**Work to be completed**
Give the number of lines in the data below where the word "centre" appears, and nothing besides.

**Information supplied**
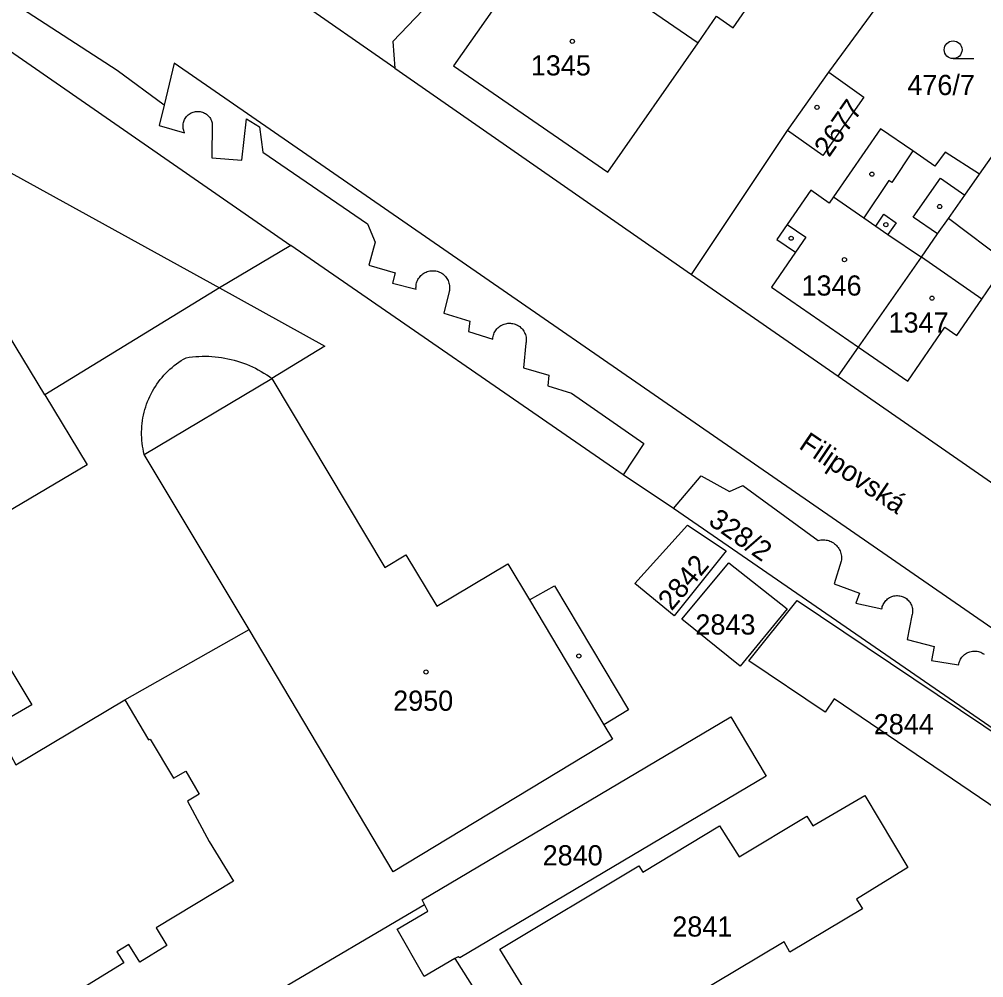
# Model space of a CAD drawing. Extents: x -679220 to -673243, y -1075091 to -1066557.
# Drawn here: x -675822.7 to -675741.4, y -1072325.9 to -1072245.2 of the extents above; entities that cross this region are included whole.
import ezdxf

# ---------------------------------------------------------------- set-up
doc = ezdxf.new("R2010")
doc.units = 0
for name, color, linetype in [('Hranice parcel', 7, 'Continuous'), ('Parcelní čísla', 7, 'Continuous'), ('Pop  PČ popisy', 7, 'Continuous'), ('Vnitřní kresba', 7, 'Continuous'), ('Značky budov', 7, 'Continuous'), ('Značky kultur', 7, 'Continuous')]:
    doc.layers.add(name, color=color, linetype=linetype)

msp = doc.modelspace()

# ---------------------------------------------------------------- linework, layer by layer
at = {"layer": 'Hranice parcel'}
for p, q in [((-675754.47, -1072249.63), (-675745.72, -1072237.63)), ((-675834.37, -1072240.28), (-675799.8, -1072264.22)), ((-675791.03, -1072249.28), (-675801.82, -1072241.76)), ((-675741.76, -1072258.21), (-675734.75, -1072248.23)), ((-675791.03, -1072249.28), (-675766.03, -1072266.66)), ((-675757.95, -1072254.55), (-675754.47, -1072249.63)), ((-675766.03, -1072266.66), (-675757.95, -1072254.55)), ((-675766.03, -1072266.66), (-675753.67, -1072275.25)), ((-675753.67, -1072275.25), (-675751.96, -1072272.79)), ((-675753.67, -1072275.25), (-675740.12, -1072284.65))]:
    msp.add_line(p, q, dxfattribs=at)
for points in [[(-675781.06, -1072236.42), (-675778.46, -1072238.19), (-675786.08, -1072249.09), (-675773.09, -1072258.04), (-675765.47, -1072247.14), (-675763.92, -1072244.91), (-675762.53, -1072245.88), (-675759.11, -1072240.92), (-675763.68, -1072237.74), (-675774.78, -1072229.86)], [(-675781.06, -1072236.42), (-675791.21, -1072247.05), (-675791.03, -1072249.28)], [(-675675.24, -1072344.8), (-675677.06, -1072343.56), (-675675.65, -1072341.45), (-675809.62, -1072248.86), (-675810.47, -1072252.39), (-675814.41, -1072249.48), (-675828.02, -1072240.66), (-675831.19, -1072238.38)], [(-675754.47, -1072249.63), (-675751.51, -1072251.72), (-675754.98, -1072256.65), (-675757.95, -1072254.55)], [(-675741.76, -1072258.21), (-675744.67, -1072256.36), (-675745.53, -1072257.54), (-675747.39, -1072256.26), (-675750.11, -1072254.39), (-675754.07, -1072260.14), (-675754.43, -1072260.66), (-675755.99, -1072259.58), (-675757.98, -1072262.46), (-675758.84, -1072263.72), (-675757.28, -1072264.8), (-675759.3, -1072267.73), (-675751.96, -1072272.79)], [(-675744.38, -1072261.95), (-675743, -1072259.99), (-675741.76, -1072258.21)], [(-675751.96, -1072272.79), (-675746.67, -1072265.22), (-675745.3, -1072263.26), (-675744.38, -1072261.95)], [(-675751.96, -1072272.79), (-675747.81, -1072275.65), (-675744.69, -1072271.12), (-675743.69, -1072271.81), (-675741.58, -1072268.74), (-675739.46, -1072265.66), (-675744.38, -1072261.95)], [(-675799.8, -1072264.22), (-675805.81, -1072267.81), (-675820.53, -1072276.81)], [(-675709.33, -1072326.32), (-675719.29, -1072319.62), (-675722.28, -1072317.61), (-675767.55, -1072286.39), (-675771.79, -1072283.55), (-675799.8, -1072264.22)], [(-675820.53, -1072276.81), (-675827.32, -1072265.63), (-675836.51, -1072271.12), (-675872.16, -1072292.47), (-675867.67, -1072299.93), (-675869.26, -1072300.87), (-675870.69, -1072301.87), (-675866.58, -1072308.98), (-675865.25, -1072311.17), (-675864.04, -1072312.9), (-675838.31, -1072297.5), (-675833.11, -1072306.11)], [(-675781.5, -1072291.05), (-675779.67, -1072294.1), (-675777.58, -1072292.9), (-675771.33, -1072303.35), (-675773.42, -1072304.62), (-675772.69, -1072305.83), (-675791.18, -1072317), (-675803.31, -1072296.58), (-675812.14, -1072281.83), (-675801.38, -1072275.44), (-675791.86, -1072291.37), (-675790.11, -1072290.31), (-675787.48, -1072294.62), (-675781.5, -1072291.05)], [(-675820.53, -1072276.81), (-675816.94, -1072282.72), (-675829.37, -1072290.05), (-675821.61, -1072302.95), (-675824.79, -1072304.77), (-675823.39, -1072307.22)], [(-675766.36, -1072287.81), (-675763.1, -1072289.96), (-675767.49, -1072295.45), (-675770.82, -1072292.72), (-675766.36, -1072287.81)], [(-675761.93, -1072299.67), (-675766.86, -1072295.73), (-675762.9, -1072290.97), (-675757.98, -1072294.84), (-675761.93, -1072299.67)], [(-675754.77, -1072303.57), (-675761.2, -1072299.24), (-675757.12, -1072294.14), (-675733.54, -1072309.98), (-675736.43, -1072314.38), (-675754.01, -1072302.43), (-675754.77, -1072303.57)], [(-675823.39, -1072307.22), (-675822.95, -1072308), (-675813.79, -1072302.53), (-675811.77, -1072305.88), (-675811.63, -1072305.84), (-675809.67, -1072309.11), (-675808.64, -1072308.54), (-675807.51, -1072310.48), (-675808.51, -1072311.06), (-675806.68, -1072314.45), (-675804.62, -1072317.8), (-675811.13, -1072321.73), (-675810.25, -1072323.23), (-675812.52, -1072324.62), (-675813.45, -1072323.13), (-675814.46, -1072323.75), (-675813.87, -1072324.69), (-675818.38, -1072327.47)], [(-675788.52, -1072319.77), (-675788.72, -1072319.37), (-675762.73, -1072303.96), (-675759.75, -1072308.96), (-675785.56, -1072324.26), (-675785.69, -1072324.17), (-675785.98, -1072324.32)], [(-675771.74, -1072332.13), (-675771.88, -1072331.88), (-675775.68, -1072334.13), (-675782.18, -1072323.54), (-675770.47, -1072316.51), (-675770.14, -1072317.05), (-675763.67, -1072313.14), (-675762.01, -1072315.74), (-675756.31, -1072312.33), (-675755.8, -1072313.14), (-675751.43, -1072310.59), (-675747.8, -1072316.66), (-675752.12, -1072319.31), (-675751.64, -1072320.13), (-675757.74, -1072323.78), (-675758.24, -1072322.9), (-675766.17, -1072327.66), (-675765.65, -1072328.52), (-675771.74, -1072332.13)], [(-675779.67, -1072382.96), (-675808.43, -1072331.67), (-675801.04, -1072327.14), (-675788.52, -1072319.77)], [(-675785.98, -1072324.32), (-675788.56, -1072325.83), (-675790.83, -1072321.85), (-675788.24, -1072320.32), (-675788.52, -1072319.77)], [(-675785.98, -1072324.32), (-675779.85, -1072333.99), (-675777.86, -1072332.8), (-675764.69, -1072354.25)]]:
    msp.add_lwpolyline(points, dxfattribs=at)
at = {"layer": 'Vnitřní kresba'}
for p, q in [((-675772.04, -1072242.61), (-675765.47, -1072247.14)), ((-675810.47, -1072252.39), (-675810.89, -1072254.11)), ((-675803.93, -1072257.05), (-675803.52, -1072253.55)), ((-675803.52, -1072253.55), (-675802.43, -1072254.24)), ((-675810.89, -1072254.11), (-675808.74, -1072254.73)), ((-675806.43, -1072253.9), (-675806.46, -1072256.83)), ((-675802.43, -1072254.24), (-675802.14, -1072256.37)), ((-675827.48, -1072255.84), (-675805.81, -1072267.81)), ((-675747.39, -1072256.26), (-675749.16, -1072258.91)), ((-675806.46, -1072256.83), (-675803.93, -1072257.05)), ((-675802.14, -1072256.37), (-675793.34, -1072262.4)), ((-675747.35, -1072261.83), (-675745.05, -1072258.55)), ((-675745.05, -1072258.55), (-675743, -1072259.99)), ((-675749.41, -1072258.74), (-675751.51, -1072261.89)), ((-675749.16, -1072258.91), (-675749.41, -1072258.74)), ((-675754.07, -1072260.14), (-675751.51, -1072261.89)), ((-675751.51, -1072261.89), (-675750.51, -1072262.59)), ((-675750.51, -1072262.59), (-675749.83, -1072261.6)), ((-675749.83, -1072261.6), (-675748.8, -1072262.31)), ((-675745.3, -1072263.26), (-675747.35, -1072261.83)), ((-675793.34, -1072262.4), (-675792.69, -1072263.96)), ((-675757.98, -1072262.46), (-675756.41, -1072263.54)), ((-675750.51, -1072262.59), (-675749.48, -1072263.3)), ((-675748.8, -1072262.31), (-675749.48, -1072263.3)), ((-675756.41, -1072263.54), (-675757.28, -1072264.8)), ((-675749.48, -1072263.3), (-675746.67, -1072265.22)), ((-675792.69, -1072263.96), (-675793.22, -1072265.9)), ((-675793.22, -1072265.9), (-675791, -1072266.54)), ((-675741.58, -1072268.74), (-675746.67, -1072265.22)), ((-675791, -1072266.54), (-675791.22, -1072267.41)), ((-675791.22, -1072267.41), (-675789.24, -1072267.91)), ((-675805.81, -1072267.81), (-675796.93, -1072272.72)), ((-675786.46, -1072268.12), (-675786.9, -1072269.93)), ((-675786.9, -1072269.93), (-675784.71, -1072270.61)), ((-675784.71, -1072270.61), (-675784.81, -1072271.47)), ((-675784.81, -1072271.47), (-675782.78, -1072272.11)), ((-675779.98, -1072272.47), (-675780.2, -1072274.53)), ((-675796.93, -1072272.72), (-675801.38, -1072275.44)), ((-675780.2, -1072274.53), (-675778.05, -1072275.17)), ((-675778.05, -1072275.17), (-675778.14, -1072276.06)), ((-675778.14, -1072276.06), (-675776.14, -1072276.68)), ((-675776.14, -1072276.68), (-675770.04, -1072280.91)), ((-675770.04, -1072280.91), (-675771.79, -1072283.55)), ((-675767.55, -1072286.39), (-675765.22, -1072283.63)), ((-675765.22, -1072283.63), (-675762.82, -1072284.97)), ((-675762.82, -1072284.97), (-675761.7, -1072284.45)), ((-675761.7, -1072284.45), (-675755.35, -1072289.08)), ((-675753.42, -1072290.84), (-675754.02, -1072292.75)), ((-675754.02, -1072292.75), (-675751.89, -1072293.52)), ((-675751.89, -1072293.52), (-675752.2, -1072294.37)), ((-675779.67, -1072294.1), (-675773.42, -1072304.62)), ((-675752.2, -1072294.37), (-675750, -1072294.86)), ((-675747.46, -1072295.42), (-675747.86, -1072297.44)), ((-675813.79, -1072302.53), (-675803.31, -1072296.58)), ((-675747.86, -1072297.44), (-675745.6, -1072298.01)), ((-675745.6, -1072298.01), (-675745.8, -1072299.2)), ((-675745.8, -1072299.2), (-675743.53, -1072299.58))]:
    msp.add_line(p, q, dxfattribs=at)
for points in [[(-675808.74, -1072254.73), (-675808.781, -1072254.641), (-675808.816, -1072254.549), (-675808.842, -1072254.455), (-675808.862, -1072254.359), (-675808.873, -1072254.262), (-675808.877, -1072254.164), (-675808.873, -1072254.066), (-675808.862, -1072253.969), (-675808.843, -1072253.873), (-675808.816, -1072253.779), (-675808.782, -1072253.687), (-675808.741, -1072253.598), (-675808.693, -1072253.513), (-675808.638, -1072253.432), (-675808.577, -1072253.355), (-675808.51, -1072253.284), (-675808.438, -1072253.218), (-675808.361, -1072253.157), (-675808.279, -1072253.104), (-675808.193, -1072253.056), (-675808.104, -1072253.016), (-675808.012, -1072252.983), (-675807.917, -1072252.957), (-675807.821, -1072252.939), (-675807.724, -1072252.929), (-675807.626, -1072252.926), (-675807.528, -1072252.931), (-675807.431, -1072252.943), (-675807.335, -1072252.964), (-675807.241, -1072252.992), (-675807.15, -1072253.027), (-675807.061, -1072253.069), (-675806.977, -1072253.118), (-675806.896, -1072253.174), (-675806.82, -1072253.236), (-675806.749, -1072253.303), (-675806.684, -1072253.376), (-675806.625, -1072253.454), (-675806.572, -1072253.537), (-675806.526, -1072253.623), (-675806.487, -1072253.713), (-675806.455, -1072253.805), (-675806.43, -1072253.9)], [(-675789.24, -1072267.91), (-675789.247, -1072267.805), (-675789.246, -1072267.7), (-675789.237, -1072267.595), (-675789.22, -1072267.491), (-675789.196, -1072267.388), (-675789.164, -1072267.288), (-675789.125, -1072267.19), (-675789.079, -1072267.096), (-675789.025, -1072267.005), (-675788.965, -1072266.918), (-675788.899, -1072266.836), (-675788.827, -1072266.759), (-675788.75, -1072266.688), (-675788.667, -1072266.623), (-675788.58, -1072266.564), (-675788.488, -1072266.512), (-675788.393, -1072266.466), (-675788.295, -1072266.428), (-675788.194, -1072266.397), (-675788.092, -1072266.374), (-675787.987, -1072266.359), (-675787.882, -1072266.351), (-675787.777, -1072266.351), (-675787.672, -1072266.359), (-675787.568, -1072266.375), (-675787.465, -1072266.398), (-675787.365, -1072266.429), (-675787.267, -1072266.467), (-675787.172, -1072266.513), (-675787.08, -1072266.565), (-675786.993, -1072266.624), (-675786.911, -1072266.69), (-675786.833, -1072266.761), (-675786.761, -1072266.838), (-675786.695, -1072266.92), (-675786.636, -1072267.007), (-675786.582, -1072267.098), (-675786.536, -1072267.193), (-675786.497, -1072267.29), (-675786.466, -1072267.391), (-675786.442, -1072267.493), (-675786.425, -1072267.597), (-675786.416, -1072267.702), (-675786.416, -1072267.808), (-675786.423, -1072267.913), (-675786.437, -1072268.017), (-675786.46, -1072268.12)], [(-675782.78, -1072272.11), (-675782.77, -1072272.005), (-675782.752, -1072271.901), (-675782.726, -1072271.799), (-675782.693, -1072271.699), (-675782.653, -1072271.602), (-675782.605, -1072271.508), (-675782.55, -1072271.417), (-675782.489, -1072271.331), (-675782.422, -1072271.25), (-675782.349, -1072271.174), (-675782.27, -1072271.104), (-675782.187, -1072271.04), (-675782.098, -1072270.982), (-675782.006, -1072270.931), (-675781.91, -1072270.887), (-675781.812, -1072270.85), (-675781.71, -1072270.821), (-675781.607, -1072270.799), (-675781.503, -1072270.785), (-675781.398, -1072270.779), (-675781.292, -1072270.781), (-675781.187, -1072270.79), (-675781.083, -1072270.808), (-675780.981, -1072270.833), (-675780.881, -1072270.865), (-675780.783, -1072270.905), (-675780.689, -1072270.952), (-675780.598, -1072271.006), (-675780.512, -1072271.067), (-675780.43, -1072271.134), (-675780.354, -1072271.206), (-675780.283, -1072271.285), (-675780.219, -1072271.368), (-675780.16, -1072271.456), (-675780.109, -1072271.548), (-675780.064, -1072271.643), (-675780.027, -1072271.742), (-675779.997, -1072271.843), (-675779.975, -1072271.946), (-675779.96, -1072272.05), (-675779.953, -1072272.155), (-675779.954, -1072272.261), (-675779.963, -1072272.366), (-675779.98, -1072272.47)], [(-675812.14, -1072281.83), (-675812.195, -1072281.598), (-675812.243, -1072281.364), (-675812.282, -1072281.129), (-675812.314, -1072280.893), (-675812.339, -1072280.655), (-675812.355, -1072280.417), (-675812.363, -1072280.179), (-675812.364, -1072279.94), (-675812.357, -1072279.702), (-675812.342, -1072279.464), (-675812.319, -1072279.226), (-675812.289, -1072278.99), (-675812.25, -1072278.754), (-675812.204, -1072278.52), (-675812.151, -1072278.288), (-675812.089, -1072278.057), (-675812.02, -1072277.829), (-675811.944, -1072277.603), (-675811.86, -1072277.38), (-675811.769, -1072277.159), (-675811.671, -1072276.942), (-675811.565, -1072276.728), (-675811.453, -1072276.518), (-675811.334, -1072276.311), (-675811.208, -1072276.108), (-675811.075, -1072275.91), (-675810.936, -1072275.716), (-675810.791, -1072275.527), (-675810.64, -1072275.343), (-675810.482, -1072275.163), (-675810.319, -1072274.989), (-675810.15, -1072274.821), (-675809.976, -1072274.658), (-675809.797, -1072274.501), (-675809.612, -1072274.35), (-675809.422, -1072274.205), (-675809.228, -1072274.066), (-675809.03, -1072273.934), (-675808.827, -1072273.809), (-675808.62, -1072273.69)], [(-675808.62, -1072273.69), (-675808.35, -1072273.649), (-675808.078, -1072273.616), (-675807.806, -1072273.591), (-675807.534, -1072273.574), (-675807.261, -1072273.564), (-675806.987, -1072273.562), (-675806.714, -1072273.568), (-675806.441, -1072273.582), (-675806.169, -1072273.604), (-675805.897, -1072273.633), (-675805.626, -1072273.671), (-675805.357, -1072273.716), (-675805.089, -1072273.768), (-675804.822, -1072273.829), (-675804.557, -1072273.897), (-675804.295, -1072273.972), (-675804.034, -1072274.055), (-675803.777, -1072274.146), (-675803.521, -1072274.244), (-675803.269, -1072274.349), (-675803.02, -1072274.461), (-675802.774, -1072274.581), (-675802.532, -1072274.707), (-675802.293, -1072274.84), (-675802.059, -1072274.98), (-675801.828, -1072275.127), (-675801.602, -1072275.28), (-675801.38, -1072275.44)], [(-675755.35, -1072289.08), (-675755.242, -1072289.055), (-675755.132, -1072289.039), (-675755.022, -1072289.03), (-675754.911, -1072289.029), (-675754.801, -1072289.036), (-675754.691, -1072289.05), (-675754.583, -1072289.073), (-675754.476, -1072289.103), (-675754.372, -1072289.141), (-675754.271, -1072289.186), (-675754.173, -1072289.238), (-675754.079, -1072289.297), (-675753.99, -1072289.362), (-675753.905, -1072289.434), (-675753.826, -1072289.511), (-675753.753, -1072289.594), (-675753.685, -1072289.682), (-675753.625, -1072289.775), (-675753.57, -1072289.872), (-675753.523, -1072289.972), (-675753.483, -1072290.075), (-675753.451, -1072290.181), (-675753.426, -1072290.289), (-675753.409, -1072290.398), (-675753.4, -1072290.509), (-675753.399, -1072290.62), (-675753.406, -1072290.73), (-675753.42, -1072290.84)], [(-675750, -1072294.86), (-675749.983, -1072294.761), (-675749.958, -1072294.664), (-675749.925, -1072294.57), (-675749.886, -1072294.477), (-675749.839, -1072294.389), (-675749.786, -1072294.304), (-675749.727, -1072294.223), (-675749.661, -1072294.147), (-675749.59, -1072294.077), (-675749.514, -1072294.012), (-675749.433, -1072293.953), (-675749.347, -1072293.901), (-675749.258, -1072293.855), (-675749.166, -1072293.816), (-675749.071, -1072293.785), (-675748.974, -1072293.76), (-675748.875, -1072293.744), (-675748.775, -1072293.735), (-675748.675, -1072293.733), (-675748.575, -1072293.74), (-675748.476, -1072293.754), (-675748.378, -1072293.775), (-675748.282, -1072293.804), (-675748.189, -1072293.841), (-675748.098, -1072293.884), (-675748.012, -1072293.934), (-675747.929, -1072293.991), (-675747.851, -1072294.054), (-675747.778, -1072294.122), (-675747.71, -1072294.196), (-675747.649, -1072294.275), (-675747.593, -1072294.359), (-675747.545, -1072294.446), (-675747.503, -1072294.537), (-675747.468, -1072294.631), (-675747.44, -1072294.727), (-675747.42, -1072294.825), (-675747.408, -1072294.925), (-675747.403, -1072295.025), (-675747.406, -1072295.125), (-675747.416, -1072295.225), (-675747.434, -1072295.323), (-675747.46, -1072295.42)], [(-675743.53, -1072299.58), (-675743.512, -1072299.478), (-675743.486, -1072299.378), (-675743.453, -1072299.28), (-675743.412, -1072299.185), (-675743.364, -1072299.093), (-675743.31, -1072299.005), (-675743.248, -1072298.921), (-675743.181, -1072298.843), (-675743.108, -1072298.77), (-675743.029, -1072298.702), (-675742.946, -1072298.641), (-675742.858, -1072298.586), (-675742.766, -1072298.538), (-675742.671, -1072298.498), (-675742.573, -1072298.464), (-675742.473, -1072298.438), (-675742.371, -1072298.42), (-675742.268, -1072298.41), (-675742.164, -1072298.407), (-675742.061, -1072298.413), (-675741.958, -1072298.426), (-675741.857, -1072298.447), (-675741.758, -1072298.476), (-675741.661, -1072298.512), (-675741.567, -1072298.555), (-675741.476, -1072298.606), (-675741.39, -1072298.663)]]:
    msp.add_lwpolyline(points, dxfattribs=at)
at = {"layer": 'Značky budov'}
for centre in [(-675776.077, -1072247.029), (-675755.457, -1072252.589), (-675750.837, -1072258.219), (-675745.127, -1072260.949), (-675749.657, -1072262.479), (-675757.637, -1072263.619), (-675753.147, -1072265.429), (-675745.767, -1072268.669), (-675775.527, -1072298.819), (-675788.407, -1072300.169)]:
    msp.add_circle(centre, 0.175, dxfattribs=at)
at = {"layer": 'Značky kultur'}
msp.add_line((-675743.993, -1072248.48), (-675742.243, -1072248.48), dxfattribs=at)
msp.add_circle((-675743.993, -1072247.73), 0.75, dxfattribs=at)

# ---------------------------------------------------------------- texts
at = {"layer": 'Parcelní čísla'}
for s, p in [('1345', (-675779.574, -1072249.9)), ('476/7', (-675747.848, -1072251.55)), ('1346', (-675756.764, -1072268.45)), ('1347', (-675749.434, -1072271.57)), ('2843', (-675765.704, -1072297.019)), ('2950', (-675791.17, -1072303.44)), ('2844', (-675750.674, -1072305.42)), ('2840', (-675778.574, -1072316.47)), ('2841', (-675767.654, -1072322.47))]:
    msp.add_text(s, height=1.7, dxfattribs=at).set_placement(p)
for s, rotation, p in [('2677', 55, (-675754.439, -1072256.863)), ('328/2', 325, (-675764.709, -1072287.674)), ('2842', 50, (-675767.71, -1072295.084))]:
    msp.add_text(s, height=1.7, rotation=rotation, dxfattribs=at).set_placement(p)
at = {"layer": 'Pop  PČ popisy'}
msp.add_text('Filipovská', height=1.7, rotation=326, dxfattribs=at).set_placement((-675757.079, -1072281.275))

doc.saveas('drawing.dxf')

**Solution below**
2